# Wie macht man Märchenfotos in Photoshop



## Ma Bu (14. August 2007)

Hallo erstmal,
bin gerade neu hier und habe schon eine Frage an Euch. Vielleicht kann mir ja jemand helfen.
Wie macht man Fotos zu diesen Märchenfotos?
Hoffe, die Anhänge sind zu sehen.
LG
Martina


----------



## Leola13 (14. August 2007)

Hai,

Grundvoraussetzung ist ein gutes Ausgangsfoto. (Das hört sich blöd an, ist aber ernst gemeint.)

Bei Bild 1 : Ist der Hintergrund auf "alt" getrimmt. Störungen hinzu, sieht nach Brush aus, nicht nach Störungsfilter. Das evtl. vorhandene Blau des Himmels ist weg, Das Gnaze Bild besteht überwiegend aus Brauntönen. Farbton/Sättigung, Kanalmixer, Schwarzweiß (Sepia), ... einfach mal probieren, diese Ton hinzubekommen.

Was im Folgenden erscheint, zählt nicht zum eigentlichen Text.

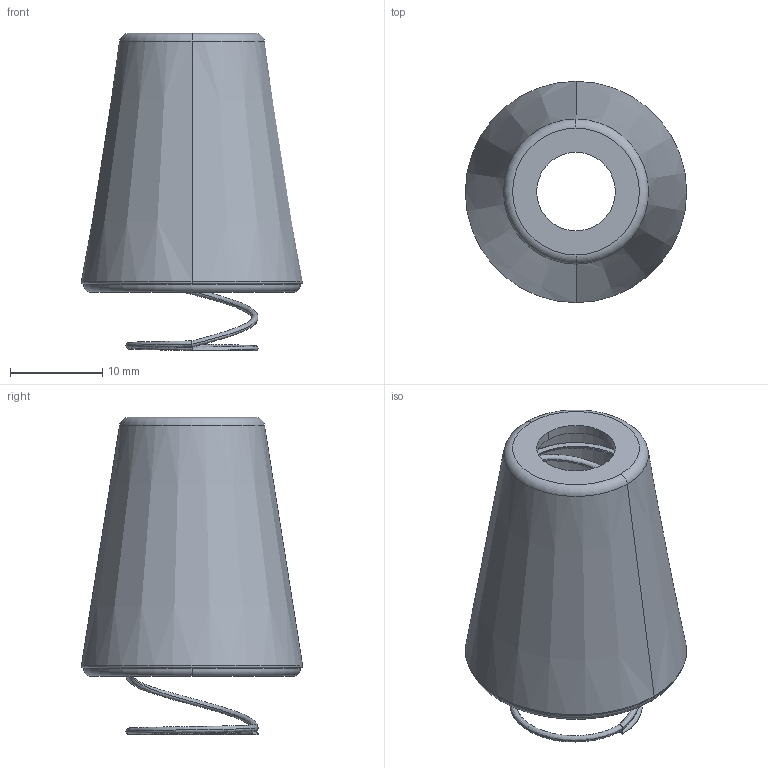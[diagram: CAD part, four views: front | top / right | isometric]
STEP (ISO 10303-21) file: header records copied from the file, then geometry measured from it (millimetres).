
FILE_DESCRIPTION((''),'2;1');
FILE_NAME('6158128830_ASM','2016-04-25T',('greextsd'),(''),'CREO PARAMETRIC BY PTC INC, 2015380','CREO PARAMETRIC BY PTC INC, 2015380','');
FILE_SCHEMA(('AUTOMOTIVE_DESIGN { 1 0 10303 214 1 1 1 1 }'));
Length unit declared in the file: millimetre
Products named in the file (4): 6155482700; 0663211579_AF0; 6156812110; 6158128830_ASM
Assembly tree (3 placements, depth 2):
  6158128830_ASM
    6155482700
    0663211579_AF0
    6156812110
Bounding box: 23.93 x 23.93 x 34.3 mm (x, y, z)
Volume: 3214.6 mm3; surface area: 4869.9 mm2
Topology: 3 solids, 4 shells, 52 faces, 106 edges, 62 vertices
Faces by surface type: torus 16, cylinder 14, plane 10, cone 6, bspline 6
Entity records: 5133 total; most frequent: CARTESIAN_POINT 2302, DIRECTION 268, PROPERTY_DEFINITION 228, REPRESENTATION 224, PROPERTY_DEFINITION_REPRESENTATION 224, ORIENTED_EDGE 206, DESCRIPTIVE_REPRESENTATION_ITEM 198, GENERAL_PROPERTY 194
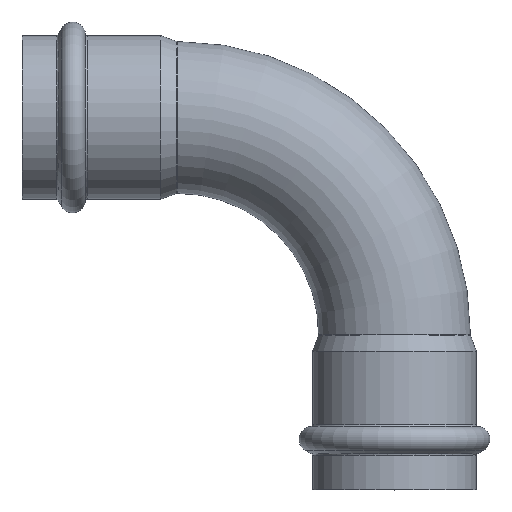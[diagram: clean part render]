
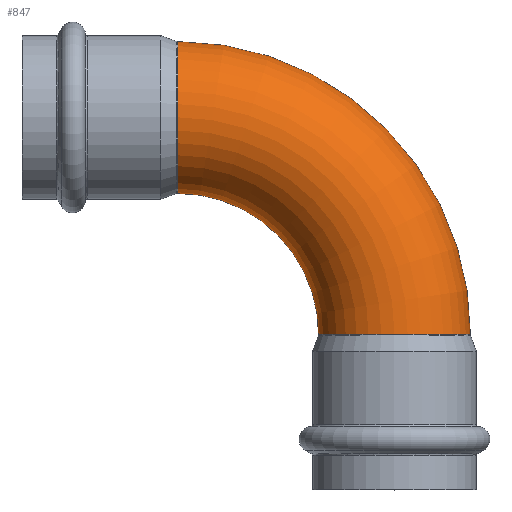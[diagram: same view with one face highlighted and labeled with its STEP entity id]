
A CAD part, top view. The second image highlights one B-rep face of the part: STEP entity #847.
In plain terms, the highlighted toroidal (fillet/blend) face has major radius 60 mm and minor radius 21 mm.
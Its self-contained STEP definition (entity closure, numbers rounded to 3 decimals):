
#820=CARTESIAN_POINT('',(0.,-60.,0.0));
#821=DIRECTION('',(0.0,0.0,-1.0));
#822=DIRECTION('',(-1.0,0.0,0.0));
#823=AXIS2_PLACEMENT_3D('',#820,#821,#822);
#824=TOROIDAL_SURFACE('',#823,60.,21.0);
#825=CARTESIAN_POINT('',(81.,-60.,0.0));
#826=VERTEX_POINT('',#825);
#827=CARTESIAN_POINT('',(60.,-60.,0.0));
#828=DIRECTION('',(0.0,-1.0,0.0));
#829=DIRECTION('',(1.0,0.0,0.0));
#830=AXIS2_PLACEMENT_3D('',#827,#828,#829);
#831=CIRCLE('',#830,21.);
#832=EDGE_CURVE('',#826,#826,#831,.T.);
#833=ORIENTED_EDGE('',*,*,#832,.F.);
#834=EDGE_LOOP('',(#833));
#835=FACE_OUTER_BOUND('',#834,.T.);
#836=CARTESIAN_POINT('',(0.,21.0,0.0));
#837=VERTEX_POINT('',#836);
#838=CARTESIAN_POINT('',(0.0,0.0,0.0));
#839=DIRECTION('',(1.0,0.0,0.0));
#840=DIRECTION('',(0.0,1.0,0.0));
#841=AXIS2_PLACEMENT_3D('',#838,#839,#840);
#842=CIRCLE('',#841,21.0);
#843=EDGE_CURVE('',#837,#837,#842,.T.);
#844=ORIENTED_EDGE('',*,*,#843,.T.);
#845=EDGE_LOOP('',(#844));
#846=FACE_BOUND('',#845,.T.);
#847=ADVANCED_FACE('',(#835,#846),#824,.T.);

Bei Bild 2 : Überwiegend wieder Braun/Grautöne,   Schwarzweiss/Sepia und anschließend wieder coloriert, bzw. mit Ebenemasken gearbeitet.

Ciao Stefan

Vielleicht hilft dir ja das Tutorial matte painting  etwas weiter. (Zugegeben sehr extrem.)


----------



## Ma Bu (14. August 2007)

Danke Stefan,
ich glaub der Link ist Gold wert und Deine Tipps auch.
Nun muss ich aber... Bei der nächsten Gelegenheit will ich üben, üben, üben...
Bis bald
Martina


----------